Saved data entries
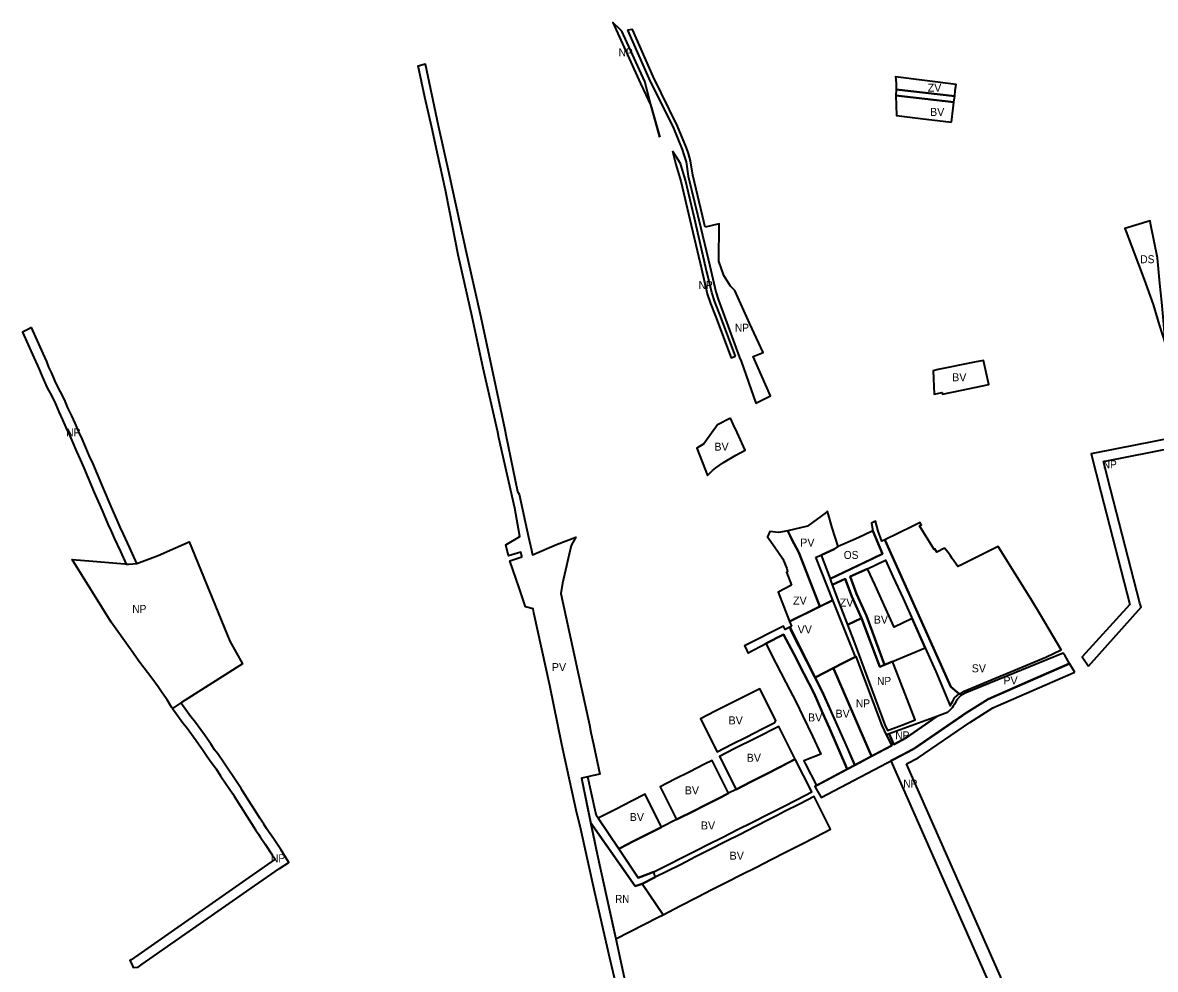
# Model space of a CAD drawing. Extents: x -650276 to -642489, y -1074311 to -1066658.
# Drawn here: x -649558 to -647860, y -1068079 to -1066658 of the extents above; entities that cross this region are included whole.
import ezdxf

# ---------------------------------------------------------------- set-up
doc = ezdxf.new("R2010")
doc.units = 0
doc.header["$LTSCALE"] = 4.8
for name, color, linetype, lineweight in [('15', 7, 'Continuous', 35), ('18', 7, 'Continuous', 35), ('24', 7, 'Continuous', 35), ('3', 7, 'Continuous', 35), ('40', 7, 'Continuous', 35), ('45', 7, 'Continuous', 35), ('48', 7, 'Continuous', 35), ('7', 7, 'Continuous', 35), ('9', 7, 'Continuous', 35)]:
    doc.layers.add(name, color=color, linetype=linetype, lineweight=lineweight)
doc.layers.add('62', color=7, linetype='Continuous')
doc.layers.add('63', color=7, linetype='Continuous')

msp = doc.modelspace()

# ---------------------------------------------------------------- linework, layer by layer
at = {"layer": '15'}
for points in [[(-648662.71, -1068124.76), (-648677.61, -1068061.74), (-648700.16, -1067963.42), (-648722.09, -1067863.84), (-648727.05, -1067844.33), (-648738.7, -1067792.04), (-648749.97, -1067741.49), (-648767.84, -1067652.98), (-648791.68, -1067543.78), (-648792.97, -1067537.86), (-648804.08, -1067534.88), (-648813.94, -1067506.27), (-648827.86, -1067465.86), (-648809.65, -1067459.77), (-648809.97, -1067458.52), (-648811.21, -1067453.52), (-648811.4, -1067452.79), (-648829.54, -1067458.42), (-648834.01, -1067441.81), (-648812.91, -1067429.16), (-648820.39, -1067386.83), (-648844.16, -1067281.37), (-648845.94, -1067272.85), (-648867.82, -1067176.66), (-648884.26, -1067099.63), (-648899.1, -1067033.34), (-648905.06, -1067006.7), (-648917.76, -1066942.65), (-648924.32, -1066909.55), (-648936.7, -1066852.52), (-648944.75, -1066815.41), (-648955.15, -1066770.11), (-648965.39, -1066723.15), (-648959.88, -1066721.59), (-648954.86, -1066720.16), (-648935.19, -1066812.53), (-648918.27, -1066888.41), (-648914.11, -1066907.05), (-648893.02, -1067002.5), (-648872.31, -1067095.5), (-648851.87, -1067191.04), (-648835.29, -1067268.93), (-648833.66, -1067276.77), (-648816.06, -1067361.71), (-648813.81, -1067365.91), (-648799.58, -1067430.4), (-648796.8, -1067443.1), (-648795.88, -1067447.21), (-648794.7, -1067452.46), (-648793.71, -1067456.88), (-648757.97, -1067441.51), (-648728.95, -1067430.33), (-648735.59, -1067442.88), (-648748.53, -1067499.3), (-648751.29, -1067514.57), (-648731.06, -1067607.06), (-648725.8, -1067632.36), (-648720.1, -1067657.12), (-648708.26, -1067712.07), (-648706.08, -1067723.56), (-648702.33, -1067740.84), (-648692.53, -1067785.79), (-648704.614, -1067788.491), (-648710.961, -1067789.906), (-648720.34, -1067792), (-648696.93, -1067905.76), (-648672.31, -1068017.25), (-648668.92, -1068032.96), (-648651.89, -1068111.95)], [(-648710.961, -1067789.906), (-648720.34, -1067792), (-648706.687, -1067858.345), (-648640, -1067954)], [(-648695.27, -1067852.04), (-648697.7, -1067848.43), (-648699.621, -1067840.06), (-648699.593, -1067840.046), (-648710.96, -1067789.91)], [(-648611.61, -1067932.63), (-648620.658, -1067935.93), (-648635.249, -1067941.252), (-648664.41, -1067897.91), (-648695.27, -1067852.04)], [(-648640, -1067954), (-648629.22, -1067950.214), (-648609.91, -1067940.58), (-648611.61, -1067932.63)]]:
    msp.add_lwpolyline(points, dxfattribs=at)
for points in [[(-648161.58, -1066777.41), (-648160.51, -1066768.4), (-648248.43, -1066758.34), (-648248.77, -1066767.43)], [(-648369.01, -1067460.52), (-648361, -1067457.36), (-648341.15, -1067448.14), (-648335.38, -1067444.07), (-648344.41, -1067416.04), (-648349.67, -1067396.88), (-648351.06, -1067391.62), (-648352.16, -1067392.42), (-648353.35, -1067393.29), (-648381.48, -1067413.68), (-648410.92, -1067420.63), (-648409.61, -1067423.44), (-648404.29, -1067434.9), (-648394.92, -1067452.23), (-648393.17, -1067455.88), (-648362.585, -1067534.205), (-648343.41, -1067524.81), (-648369.01, -1067460.52)], [(-648237.81, -1067522.42), (-648204.88, -1067596.54), (-648198.39, -1067610.97), (-648193.8, -1067621), (-648189.03, -1067631.71), (-648167.48, -1067683.45), (-648164.79, -1067678.96), (-648163.11, -1067676.17), (-648160.68, -1067671.55), (-648153.98, -1067665.43), (-648166.173, -1067654.853), (-648240.51, -1067489.9), (-648265.197, -1067434.03), (-648265.197, -1067434.03), (-648270.02, -1067436.37), (-648275.41, -1067421.3), (-648279.24, -1067406.38), (-648285.08, -1067409.24), (-648283.21, -1067420.88), (-648268.67, -1067455.43), (-648297.915, -1067469.319), (-648326.09, -1067482.7), (-648347.51, -1067492.87), (-648346.27, -1067496.14), (-648344.186, -1067501.627), (-648324.735, -1067492.8), (-648314.647, -1067519.171), (-648300.258, -1067551.772), (-648299.23, -1067554.52), (-648272.941, -1067624.811), (-648265.601, -1067621.762), (-648292.991, -1067548.356), (-648307.57, -1067515.44), (-648317.435, -1067489.488), (-648291.172, -1067477.571), (-648264.34, -1067464.83), (-648253.1, -1067489.23)], [(-648359.6, -1067691.58), (-648348.55, -1067716.71), (-648337.32, -1067742.59), (-648326, -1067769), (-648321.623, -1067778.399), (-648310.511, -1067772.476), (-648323.178, -1067741.953), (-648359.213, -1067661.956), (-648405.054, -1067571.837), (-648408.002, -1067565.219), (-648414.73, -1067568.8), (-648417.19, -1067564.02), (-648475.78, -1067593.11), (-648473.34, -1067598.06), (-648470.57, -1067603.69), (-648470.47, -1067603.64), (-648443.83, -1067589.92), (-648417.12, -1067576.17), (-648402.02, -1067605.49), (-648386.91, -1067634.83), (-648371.34, -1067665.08)], [(-647988.235, -1067619.912), (-647995.04, -1067608.56), (-647997.68, -1067604.11), (-648144.83, -1067664.48), (-648151.6, -1067668.12), (-648157.2, -1067674.32), (-648161, -1067680.96), (-648162.69, -1067684), (-648164.09, -1067686.51), (-648171.21, -1067693.37), (-648187.139, -1067699.179), (-648233.264, -1067731.288), (-648251.711, -1067741.124), (-648258.96, -1067725.37), (-648262.632, -1067726.711), (-648255.016, -1067742.886), (-648319.983, -1067777.526), (-648370.113, -1067804.22), (-648360.993, -1067821.027), (-648222.872, -1067748.412), (-648146.127, -1067695.8), (-648110.36, -1067673.133), (-647988.052, -1067619.624)]]:
    msp.add_lwpolyline(points, close=True, dxfattribs=at)
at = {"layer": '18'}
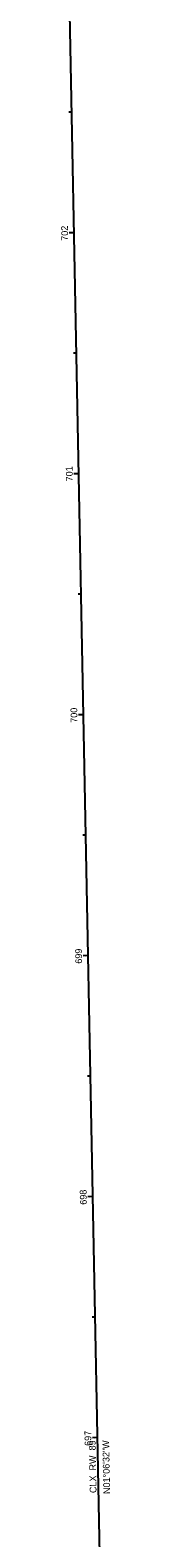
# Model space of a CAD drawing. Extents: x 2045805 to 2050091, y 455249 to 458900.
# Drawn here: x 2047631 to 2047665, y 456093 to 456718 of the extents above; entities that cross this region are included whole.
import ezdxf

# ---------------------------------------------------------------- set-up
doc = ezdxf.new("R2010")
doc.units = 0
for name, color, linetype in [('GE_P_Alignment_100_Cardinal_Points', 7, 'Continuous'), ('GE_P_Alignment_100_Curve_Data', 7, 'Continuous'), ('GE_P_Alignment_100_Stations', 7, 'Continuous'), ('GE_P_Driveway_CL', 7, 'Continuous'), ('PF_X_Ground_Line', 7, 'Continuous'), ('PV_P_EOP', 7, 'Continuous'), ('PV_X_EOP', 7, 'Continuous'), ('RW_X_CL_100_Stations', 7, 'Continuous'), ('SC_Scratch1', 7, 'Continuous'), ('SC_Scratch3', 7, 'Continuous')]:
    doc.layers.add(name, color=color, linetype=linetype)

msp = doc.modelspace()

# ---------------------------------------------------------------- linework, layer by layer
at = {"layer": 'GE_P_Alignment_100_Cardinal_Points'}
for p, q in [((2047637.19, 456684.34), (2047635.99, 456684.32)), ((2047638.16, 456634.35), (2047636.16, 456634.31)), ((2047639.12, 456584.36), (2047637.92, 456584.34)), ((2047640.09, 456534.37), (2047638.09, 456534.33)), ((2047641.06, 456484.38), (2047639.86, 456484.35)), ((2047642.03, 456434.39), (2047640.03, 456434.35)), ((2047642.99, 456384.4), (2047641.79, 456384.37)), ((2047643.96, 456334.41), (2047641.96, 456334.37)), ((2047644.93, 456284.42), (2047643.73, 456284.39)), ((2047645.9, 456234.42), (2047643.9, 456234.39)), ((2047646.87, 456184.43), (2047645.67, 456184.41)), ((2047647.83, 456134.44), (2047645.83, 456134.4))]:
    msp.add_line(p, q, dxfattribs=at)
at = {"layer": 'GE_P_Alignment_100_Stations'}
for p, q in [((2047638.16, 456634.35), (2047636.96, 456634.33)), ((2047640.09, 456534.37), (2047638.89, 456534.35)), ((2047642.03, 456434.39), (2047640.03, 456434.35)), ((2047643.96, 456334.41), (2047642.76, 456334.38)), ((2047645.9, 456234.42), (2047644.7, 456234.4)), ((2047647.83, 456134.44), (2047646.63, 456134.42))]:
    msp.add_line(p, q, dxfattribs=at)
at = {"layer": 'PV_P_EOP'}
msp.add_line((2047664.96, 455249.53), (2047631.15, 456996.2), dxfattribs=at)
at = {"layer": 'PV_X_EOP'}
msp.add_line((2047642.03, 456434.39), (2047640.03, 456434.35), dxfattribs=at)

# ---------------------------------------------------------------- texts
at = {"layer": 'GE_P_Alignment_100_Cardinal_Points'}
for s, p in [('702', (2047635.67, 456631.03)), ('701', (2047637.61, 456531.21)), ('700', (2047639.54, 456431.06)), ('699', (2047641.48, 456331.1)), ('698', (2047643.41, 456231.1)), ('697', (2047645.35, 456131.06))]:
    msp.add_text(s, height=2.8, rotation=91.10893, dxfattribs=at).set_placement(p)
at = {"layer": 'GE_P_Alignment_100_Curve_Data'}
msp.add_text('N01°06\'32"W', height=2.8, rotation=91.10893, dxfattribs=at).set_placement((2047653.09, 456111.09))
at = {"layer": 'GE_P_Alignment_100_Stations'}
msp.add_text('700', height=2.8, rotation=91.10893, dxfattribs=at).set_placement((2047639.54, 456431.06))
at = {"layer": 'GE_P_Driveway_CL'}
msp.add_text('CLX_RW_89', height=2.8, rotation=91.10893, dxfattribs=at).set_placement((2047647.45, 456111.48))
at = {"layer": 'PF_X_Ground_Line'}
msp.add_text('N01°06\'32"W', height=2.8, rotation=91.10893, dxfattribs=at).set_placement((2047653.09, 456111.09))
at = {"layer": 'PV_X_EOP'}
msp.add_text('700', height=2.8, rotation=91.10893, dxfattribs=at).set_placement((2047639.54, 456431.06))
at = {"layer": 'RW_X_CL_100_Stations'}
msp.add_text('CLX_RW_89', height=2.8, rotation=91.10893, dxfattribs=at).set_placement((2047647.45, 456111.48))
at = {"layer": 'SC_Scratch1'}
msp.add_text('N01°06\'32"W', height=2.8, rotation=91.10893, dxfattribs=at).set_placement((2047653.09, 456111.09))
at = {"layer": 'SC_Scratch3'}
msp.add_text('CLX_RW_89', height=2.8, rotation=91.10893, dxfattribs=at).set_placement((2047647.45, 456111.48))

doc.saveas('drawing.dxf')

- WHAT YOU HAVE TO DO
Using the entries above, repeat only the lines from the one containing "# Drawn here: x 2047631" through the one containing "(2047640.03, 456434.35), dxfattribs=at)", end lines included.

- ANSWER FOR THE TASK
# Drawn here: x 2047631 to 2047665, y 456093 to 456718 of the extents above; entities that cross this region are included whole.
import ezdxf

# ---------------------------------------------------------------- set-up
doc = ezdxf.new("R2010")
doc.units = 0
for name, color, linetype in [('GE_P_Alignment_100_Cardinal_Points', 7, 'Continuous'), ('GE_P_Alignment_100_Curve_Data', 7, 'Continuous'), ('GE_P_Alignment_100_Stations', 7, 'Continuous'), ('GE_P_Driveway_CL', 7, 'Continuous'), ('PF_X_Ground_Line', 7, 'Continuous'), ('PV_P_EOP', 7, 'Continuous'), ('PV_X_EOP', 7, 'Continuous'), ('RW_X_CL_100_Stations', 7, 'Continuous'), ('SC_Scratch1', 7, 'Continuous'), ('SC_Scratch3', 7, 'Continuous')]:
    doc.layers.add(name, color=color, linetype=linetype)

msp = doc.modelspace()

# ---------------------------------------------------------------- linework, layer by layer
at = {"layer": 'GE_P_Alignment_100_Cardinal_Points'}
for p, q in [((2047637.19, 456684.34), (2047635.99, 456684.32)), ((2047638.16, 456634.35), (2047636.16, 456634.31)), ((2047639.12, 456584.36), (2047637.92, 456584.34)), ((2047640.09, 456534.37), (2047638.09, 456534.33)), ((2047641.06, 456484.38), (2047639.86, 456484.35)), ((2047642.03, 456434.39), (2047640.03, 456434.35)), ((2047642.99, 456384.4), (2047641.79, 456384.37)), ((2047643.96, 456334.41), (2047641.96, 456334.37)), ((2047644.93, 456284.42), (2047643.73, 456284.39)), ((2047645.9, 456234.42), (2047643.9, 456234.39)), ((2047646.87, 456184.43), (2047645.67, 456184.41)), ((2047647.83, 456134.44), (2047645.83, 456134.4))]:
    msp.add_line(p, q, dxfattribs=at)
at = {"layer": 'GE_P_Alignment_100_Stations'}
for p, q in [((2047638.16, 456634.35), (2047636.96, 456634.33)), ((2047640.09, 456534.37), (2047638.89, 456534.35)), ((2047642.03, 456434.39), (2047640.03, 456434.35)), ((2047643.96, 456334.41), (2047642.76, 456334.38)), ((2047645.9, 456234.42), (2047644.7, 456234.4)), ((2047647.83, 456134.44), (2047646.63, 456134.42))]:
    msp.add_line(p, q, dxfattribs=at)
at = {"layer": 'PV_P_EOP'}
msp.add_line((2047664.96, 455249.53), (2047631.15, 456996.2), dxfattribs=at)
at = {"layer": 'PV_X_EOP'}
msp.add_line((2047642.03, 456434.39), (2047640.03, 456434.35), dxfattribs=at)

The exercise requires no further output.